Bei der SPS, die ich bevorzugt benutze (Intercontrol) wird durch das REATAIN nur festgelegt, dass die Variablen in einem Bereich liegen, der persistent gemacht werden kann.

Man kann nach Beschreiben der Variablen einen Funktion starten, die einen SAVE im EEProm auslöst oder aber auch beim Runterfahren (Spannungsabschalten) im letzten Zyklus diese Funktion aufrufen. Die SPS hat eine kleine Hardware Pufferung des SPS Kerns, damit der letzte Zyklus erkannt und sicher durchgeführt werden kann und auch alle Ausgänge in eine sichere Lage geschaltet werden.
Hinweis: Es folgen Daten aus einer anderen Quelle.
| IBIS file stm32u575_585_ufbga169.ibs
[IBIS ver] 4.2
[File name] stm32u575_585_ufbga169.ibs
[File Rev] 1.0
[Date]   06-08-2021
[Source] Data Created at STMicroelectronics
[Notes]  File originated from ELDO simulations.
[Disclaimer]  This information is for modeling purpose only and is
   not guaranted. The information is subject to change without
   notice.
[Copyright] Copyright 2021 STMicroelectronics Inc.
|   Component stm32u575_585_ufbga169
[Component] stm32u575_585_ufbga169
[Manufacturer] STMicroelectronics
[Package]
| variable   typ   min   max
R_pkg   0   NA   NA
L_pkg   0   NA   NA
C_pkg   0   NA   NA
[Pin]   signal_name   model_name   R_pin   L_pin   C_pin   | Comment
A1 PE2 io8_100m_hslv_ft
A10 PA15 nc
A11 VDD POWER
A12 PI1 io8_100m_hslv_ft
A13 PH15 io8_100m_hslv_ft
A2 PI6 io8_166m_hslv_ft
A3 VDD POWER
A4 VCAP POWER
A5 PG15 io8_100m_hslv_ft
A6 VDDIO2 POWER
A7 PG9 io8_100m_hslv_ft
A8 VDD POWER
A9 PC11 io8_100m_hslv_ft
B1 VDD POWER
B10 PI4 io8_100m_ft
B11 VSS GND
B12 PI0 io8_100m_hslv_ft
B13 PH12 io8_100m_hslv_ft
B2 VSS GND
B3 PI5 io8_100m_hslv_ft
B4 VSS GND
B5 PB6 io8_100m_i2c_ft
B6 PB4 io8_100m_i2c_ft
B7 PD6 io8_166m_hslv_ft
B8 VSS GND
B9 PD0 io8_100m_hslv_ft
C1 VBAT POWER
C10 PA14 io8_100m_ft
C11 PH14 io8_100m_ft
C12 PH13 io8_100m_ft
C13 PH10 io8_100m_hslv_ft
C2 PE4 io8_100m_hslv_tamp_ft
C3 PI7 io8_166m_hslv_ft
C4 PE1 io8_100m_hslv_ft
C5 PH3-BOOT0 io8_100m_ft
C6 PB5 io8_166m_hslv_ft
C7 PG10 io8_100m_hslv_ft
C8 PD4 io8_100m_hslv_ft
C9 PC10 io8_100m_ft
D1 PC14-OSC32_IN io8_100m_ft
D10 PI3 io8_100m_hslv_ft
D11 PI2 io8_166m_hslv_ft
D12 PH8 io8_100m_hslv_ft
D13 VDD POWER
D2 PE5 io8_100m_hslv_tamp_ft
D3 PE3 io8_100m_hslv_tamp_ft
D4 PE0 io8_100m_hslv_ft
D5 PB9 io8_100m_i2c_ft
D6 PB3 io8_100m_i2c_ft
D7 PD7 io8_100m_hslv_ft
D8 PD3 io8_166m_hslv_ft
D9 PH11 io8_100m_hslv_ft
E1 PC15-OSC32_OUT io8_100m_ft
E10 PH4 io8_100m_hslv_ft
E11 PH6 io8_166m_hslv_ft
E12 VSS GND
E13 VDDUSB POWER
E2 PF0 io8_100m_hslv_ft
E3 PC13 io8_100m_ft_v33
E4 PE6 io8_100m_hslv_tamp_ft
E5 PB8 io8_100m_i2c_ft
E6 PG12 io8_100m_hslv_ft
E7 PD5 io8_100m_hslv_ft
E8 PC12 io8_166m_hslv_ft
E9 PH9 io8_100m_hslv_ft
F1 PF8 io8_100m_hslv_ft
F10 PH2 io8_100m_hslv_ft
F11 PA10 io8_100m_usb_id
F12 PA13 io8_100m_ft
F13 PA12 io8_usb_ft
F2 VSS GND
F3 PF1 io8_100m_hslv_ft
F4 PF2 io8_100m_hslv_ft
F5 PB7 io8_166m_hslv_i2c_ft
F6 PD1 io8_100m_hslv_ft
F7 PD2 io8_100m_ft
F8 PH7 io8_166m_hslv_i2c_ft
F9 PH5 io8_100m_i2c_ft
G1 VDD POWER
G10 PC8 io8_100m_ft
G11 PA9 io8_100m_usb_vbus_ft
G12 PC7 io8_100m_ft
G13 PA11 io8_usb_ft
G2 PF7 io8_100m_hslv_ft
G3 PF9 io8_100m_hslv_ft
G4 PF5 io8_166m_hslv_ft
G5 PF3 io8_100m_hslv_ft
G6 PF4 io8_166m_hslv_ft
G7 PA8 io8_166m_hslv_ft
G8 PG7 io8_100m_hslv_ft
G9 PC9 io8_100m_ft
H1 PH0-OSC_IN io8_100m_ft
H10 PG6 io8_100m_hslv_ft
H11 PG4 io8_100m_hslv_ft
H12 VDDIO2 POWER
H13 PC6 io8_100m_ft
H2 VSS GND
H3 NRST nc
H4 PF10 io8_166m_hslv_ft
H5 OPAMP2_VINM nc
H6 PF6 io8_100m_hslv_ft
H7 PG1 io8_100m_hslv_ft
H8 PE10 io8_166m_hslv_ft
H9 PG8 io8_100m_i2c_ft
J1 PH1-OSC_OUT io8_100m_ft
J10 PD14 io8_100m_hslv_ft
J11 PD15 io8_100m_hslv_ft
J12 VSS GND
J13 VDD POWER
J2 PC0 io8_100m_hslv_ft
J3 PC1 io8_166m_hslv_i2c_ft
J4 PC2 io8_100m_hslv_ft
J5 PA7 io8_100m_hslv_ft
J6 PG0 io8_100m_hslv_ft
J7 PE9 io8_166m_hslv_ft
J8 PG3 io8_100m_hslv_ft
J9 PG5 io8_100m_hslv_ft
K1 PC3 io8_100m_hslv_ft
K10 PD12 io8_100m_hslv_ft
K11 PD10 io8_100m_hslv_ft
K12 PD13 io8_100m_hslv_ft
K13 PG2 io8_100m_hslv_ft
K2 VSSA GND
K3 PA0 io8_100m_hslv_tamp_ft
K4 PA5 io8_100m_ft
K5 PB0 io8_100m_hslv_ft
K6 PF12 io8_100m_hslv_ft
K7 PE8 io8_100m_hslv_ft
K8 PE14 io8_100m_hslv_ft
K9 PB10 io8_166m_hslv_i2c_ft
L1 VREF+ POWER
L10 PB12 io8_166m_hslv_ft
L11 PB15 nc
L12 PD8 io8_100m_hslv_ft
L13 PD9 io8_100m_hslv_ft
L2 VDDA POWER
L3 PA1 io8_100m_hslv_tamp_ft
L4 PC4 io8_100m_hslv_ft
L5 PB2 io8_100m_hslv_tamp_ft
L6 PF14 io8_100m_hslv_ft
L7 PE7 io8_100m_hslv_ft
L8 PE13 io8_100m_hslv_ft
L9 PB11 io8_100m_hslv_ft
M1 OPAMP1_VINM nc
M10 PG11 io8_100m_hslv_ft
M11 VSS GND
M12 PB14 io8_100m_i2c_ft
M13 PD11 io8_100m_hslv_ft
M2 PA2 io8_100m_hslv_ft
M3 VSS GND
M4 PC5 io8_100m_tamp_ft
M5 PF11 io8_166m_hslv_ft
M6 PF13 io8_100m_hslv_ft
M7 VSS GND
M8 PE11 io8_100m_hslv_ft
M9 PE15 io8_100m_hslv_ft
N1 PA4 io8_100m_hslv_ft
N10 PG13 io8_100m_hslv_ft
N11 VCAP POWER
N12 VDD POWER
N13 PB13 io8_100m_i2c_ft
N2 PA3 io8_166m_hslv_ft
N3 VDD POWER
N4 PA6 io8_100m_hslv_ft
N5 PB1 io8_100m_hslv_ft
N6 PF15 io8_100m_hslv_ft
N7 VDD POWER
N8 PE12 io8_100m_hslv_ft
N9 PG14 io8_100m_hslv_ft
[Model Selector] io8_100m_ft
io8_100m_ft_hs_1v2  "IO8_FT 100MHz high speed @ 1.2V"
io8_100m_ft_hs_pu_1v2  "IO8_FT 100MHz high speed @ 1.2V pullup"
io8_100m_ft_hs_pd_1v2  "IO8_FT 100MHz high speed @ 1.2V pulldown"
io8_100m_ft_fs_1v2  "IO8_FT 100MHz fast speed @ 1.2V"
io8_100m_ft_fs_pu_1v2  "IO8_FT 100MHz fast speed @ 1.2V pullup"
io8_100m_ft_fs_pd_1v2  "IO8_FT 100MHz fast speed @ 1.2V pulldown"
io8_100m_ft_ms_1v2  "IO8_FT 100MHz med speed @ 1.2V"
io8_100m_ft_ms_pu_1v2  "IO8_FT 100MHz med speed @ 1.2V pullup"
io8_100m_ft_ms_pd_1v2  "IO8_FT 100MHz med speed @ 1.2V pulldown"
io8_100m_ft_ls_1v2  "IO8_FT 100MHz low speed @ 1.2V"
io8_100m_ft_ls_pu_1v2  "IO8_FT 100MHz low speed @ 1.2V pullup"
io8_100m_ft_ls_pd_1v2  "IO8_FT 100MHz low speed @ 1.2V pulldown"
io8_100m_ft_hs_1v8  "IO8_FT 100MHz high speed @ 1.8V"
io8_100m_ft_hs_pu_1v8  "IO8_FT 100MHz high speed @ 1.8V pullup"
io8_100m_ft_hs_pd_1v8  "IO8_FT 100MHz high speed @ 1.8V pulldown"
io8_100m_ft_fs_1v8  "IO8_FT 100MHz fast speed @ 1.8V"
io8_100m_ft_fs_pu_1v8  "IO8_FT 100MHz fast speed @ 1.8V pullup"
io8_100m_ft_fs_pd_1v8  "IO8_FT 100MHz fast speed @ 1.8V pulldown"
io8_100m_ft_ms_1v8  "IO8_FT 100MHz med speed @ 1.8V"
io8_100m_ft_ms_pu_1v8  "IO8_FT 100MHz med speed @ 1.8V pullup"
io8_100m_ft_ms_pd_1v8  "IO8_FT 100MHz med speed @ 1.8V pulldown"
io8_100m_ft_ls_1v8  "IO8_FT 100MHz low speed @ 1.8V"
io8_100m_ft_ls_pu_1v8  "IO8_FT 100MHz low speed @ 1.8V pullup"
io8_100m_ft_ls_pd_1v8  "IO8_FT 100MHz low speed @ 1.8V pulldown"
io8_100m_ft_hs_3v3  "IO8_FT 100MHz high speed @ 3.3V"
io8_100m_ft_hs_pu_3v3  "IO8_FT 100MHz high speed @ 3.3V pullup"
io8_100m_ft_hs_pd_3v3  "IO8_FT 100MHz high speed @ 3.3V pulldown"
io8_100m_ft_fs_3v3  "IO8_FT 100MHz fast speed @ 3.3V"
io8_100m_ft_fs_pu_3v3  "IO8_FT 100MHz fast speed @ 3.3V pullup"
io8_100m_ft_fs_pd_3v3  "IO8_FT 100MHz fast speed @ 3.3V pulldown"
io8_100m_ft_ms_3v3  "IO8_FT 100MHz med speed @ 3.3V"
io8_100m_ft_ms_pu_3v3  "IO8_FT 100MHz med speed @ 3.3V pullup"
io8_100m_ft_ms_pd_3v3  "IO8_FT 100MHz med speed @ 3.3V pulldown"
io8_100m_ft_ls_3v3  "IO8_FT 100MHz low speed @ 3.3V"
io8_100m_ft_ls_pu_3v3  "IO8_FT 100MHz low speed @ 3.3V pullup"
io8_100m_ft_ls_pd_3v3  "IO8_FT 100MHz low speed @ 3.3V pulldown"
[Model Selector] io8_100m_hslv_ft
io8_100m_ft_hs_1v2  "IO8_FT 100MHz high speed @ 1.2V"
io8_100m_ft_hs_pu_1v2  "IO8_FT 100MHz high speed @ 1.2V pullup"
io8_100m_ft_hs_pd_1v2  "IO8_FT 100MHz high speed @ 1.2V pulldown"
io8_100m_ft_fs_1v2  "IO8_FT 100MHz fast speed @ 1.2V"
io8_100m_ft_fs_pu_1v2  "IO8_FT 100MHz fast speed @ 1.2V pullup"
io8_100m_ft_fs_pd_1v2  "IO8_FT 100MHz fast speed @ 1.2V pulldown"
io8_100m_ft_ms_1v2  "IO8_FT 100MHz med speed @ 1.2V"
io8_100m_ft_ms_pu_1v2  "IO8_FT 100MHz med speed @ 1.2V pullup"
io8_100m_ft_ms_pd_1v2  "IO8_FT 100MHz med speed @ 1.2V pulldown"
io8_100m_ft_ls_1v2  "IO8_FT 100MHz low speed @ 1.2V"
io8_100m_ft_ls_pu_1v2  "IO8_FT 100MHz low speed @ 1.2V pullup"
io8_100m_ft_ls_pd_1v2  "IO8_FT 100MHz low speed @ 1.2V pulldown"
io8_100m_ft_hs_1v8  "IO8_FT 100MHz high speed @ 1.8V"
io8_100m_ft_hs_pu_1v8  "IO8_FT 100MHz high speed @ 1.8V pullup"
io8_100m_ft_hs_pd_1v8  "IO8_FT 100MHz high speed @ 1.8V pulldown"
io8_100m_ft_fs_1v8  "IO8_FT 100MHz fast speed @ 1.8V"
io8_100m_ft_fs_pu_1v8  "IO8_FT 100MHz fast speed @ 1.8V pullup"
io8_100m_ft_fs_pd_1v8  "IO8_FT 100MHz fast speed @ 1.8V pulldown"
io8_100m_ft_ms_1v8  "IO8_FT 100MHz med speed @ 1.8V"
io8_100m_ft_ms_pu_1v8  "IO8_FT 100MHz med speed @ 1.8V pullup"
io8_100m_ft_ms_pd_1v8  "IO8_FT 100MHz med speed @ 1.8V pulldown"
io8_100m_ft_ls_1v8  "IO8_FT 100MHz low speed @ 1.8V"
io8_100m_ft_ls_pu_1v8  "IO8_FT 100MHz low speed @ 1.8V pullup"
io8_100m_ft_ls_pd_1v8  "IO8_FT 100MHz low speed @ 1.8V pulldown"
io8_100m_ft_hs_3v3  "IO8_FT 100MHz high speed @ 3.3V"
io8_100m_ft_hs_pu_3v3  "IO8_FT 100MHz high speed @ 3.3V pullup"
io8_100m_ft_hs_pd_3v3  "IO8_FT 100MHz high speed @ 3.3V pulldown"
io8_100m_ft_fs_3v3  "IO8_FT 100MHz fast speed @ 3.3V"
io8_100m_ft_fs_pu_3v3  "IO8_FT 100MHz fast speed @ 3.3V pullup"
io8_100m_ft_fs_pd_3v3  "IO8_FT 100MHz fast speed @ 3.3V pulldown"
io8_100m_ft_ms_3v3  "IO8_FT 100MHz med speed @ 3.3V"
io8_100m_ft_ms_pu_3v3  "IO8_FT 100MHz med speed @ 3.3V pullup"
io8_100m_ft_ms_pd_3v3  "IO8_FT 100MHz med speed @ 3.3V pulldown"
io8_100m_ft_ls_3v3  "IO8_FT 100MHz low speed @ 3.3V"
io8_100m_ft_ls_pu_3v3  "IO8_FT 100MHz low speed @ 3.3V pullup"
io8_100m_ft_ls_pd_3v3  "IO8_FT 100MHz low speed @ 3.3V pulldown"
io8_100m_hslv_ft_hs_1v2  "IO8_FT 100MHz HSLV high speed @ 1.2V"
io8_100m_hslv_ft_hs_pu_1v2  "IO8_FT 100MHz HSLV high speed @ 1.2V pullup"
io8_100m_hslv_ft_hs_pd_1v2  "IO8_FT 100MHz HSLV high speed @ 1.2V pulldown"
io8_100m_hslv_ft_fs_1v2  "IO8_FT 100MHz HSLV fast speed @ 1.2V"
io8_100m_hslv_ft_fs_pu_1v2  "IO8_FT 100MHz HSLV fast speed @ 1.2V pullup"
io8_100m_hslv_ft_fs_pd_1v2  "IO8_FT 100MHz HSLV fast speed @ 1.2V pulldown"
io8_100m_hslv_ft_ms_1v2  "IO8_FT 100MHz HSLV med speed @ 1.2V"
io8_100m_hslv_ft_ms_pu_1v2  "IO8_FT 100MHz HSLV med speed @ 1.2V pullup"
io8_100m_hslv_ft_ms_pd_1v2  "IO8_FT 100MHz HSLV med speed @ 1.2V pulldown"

Das ganze dürfte aber bei jeder Hardware der verschiedenen Hersteller proprietär gelöst sein.


----------



## Simatiker (15 März 2012)

Hallo,


			
				vollmi schrieb:
			
		

> Aber was muss mit der Deklaration des FBs selber passieren?


Laut CoDeSys OnlineHelp wird die ganze POU als _Retain Persistant_ behandelt sobald auch nur eine variable der POU diese Eigenschaft hat. Egal wie die Instance deklariert wird.
Das trifft aber nicht unbedingt auf alle Hersteller/Anbieter zu, die auf CoDeSys basieren. Bei Schneider Electric (SoMachine) z.Bsp. hat das Keyword _Persistent_ keine Bedeutung, für Persitente variablen muss eine extra Variblen-Liste (Persistent_Table) angelegt werden. Und es werden nur Variablen als Retain behandelt, welche auch unter VAR_RETAIN deklariert wurden.



			
				vollmi schrieb:
			
		

> Muss ich die Instanz selber auch in VAR RETAIN PERSISTENT deklarieren wenn ich im FB selber RETAIN PERSISTENT nutze?


Bei CoDeSys nicht.



			
				vollmi schrieb:
			
		

> Oder kann ich die Deklaration im normale VAR machen?


Bei CoDeSys ja.


----------



## Simatiker (15 März 2012)

Hallo,
also irgendwie stimmt das doch nicht so ganz wie oben beschrieben.
Wenn du in einem *FB* eine Variable als _Retain_ deklarierst wird die komplette Instance des *FB*s im seperaten Speicher für _Retain_ Variablen gespeichert, aber nur die Variablen als _Retain_ behandelt welche auch als _Retain_ deklariert sind. Bei einem *Programm* werden nur die als _Retain_ deklarierten Variablen im Speicher für _Retain_ Variablen abgelegt.
Zu _Persistent_ Variablen steht, das diese nur in einer speziellen GVL deklariert *"Persistent Variables"* werden können. Dazu muss das Zielsystem natürlich über einen Speicherbereich verfügen der das Verhalten der _Persistent_ Variablen unterstützt.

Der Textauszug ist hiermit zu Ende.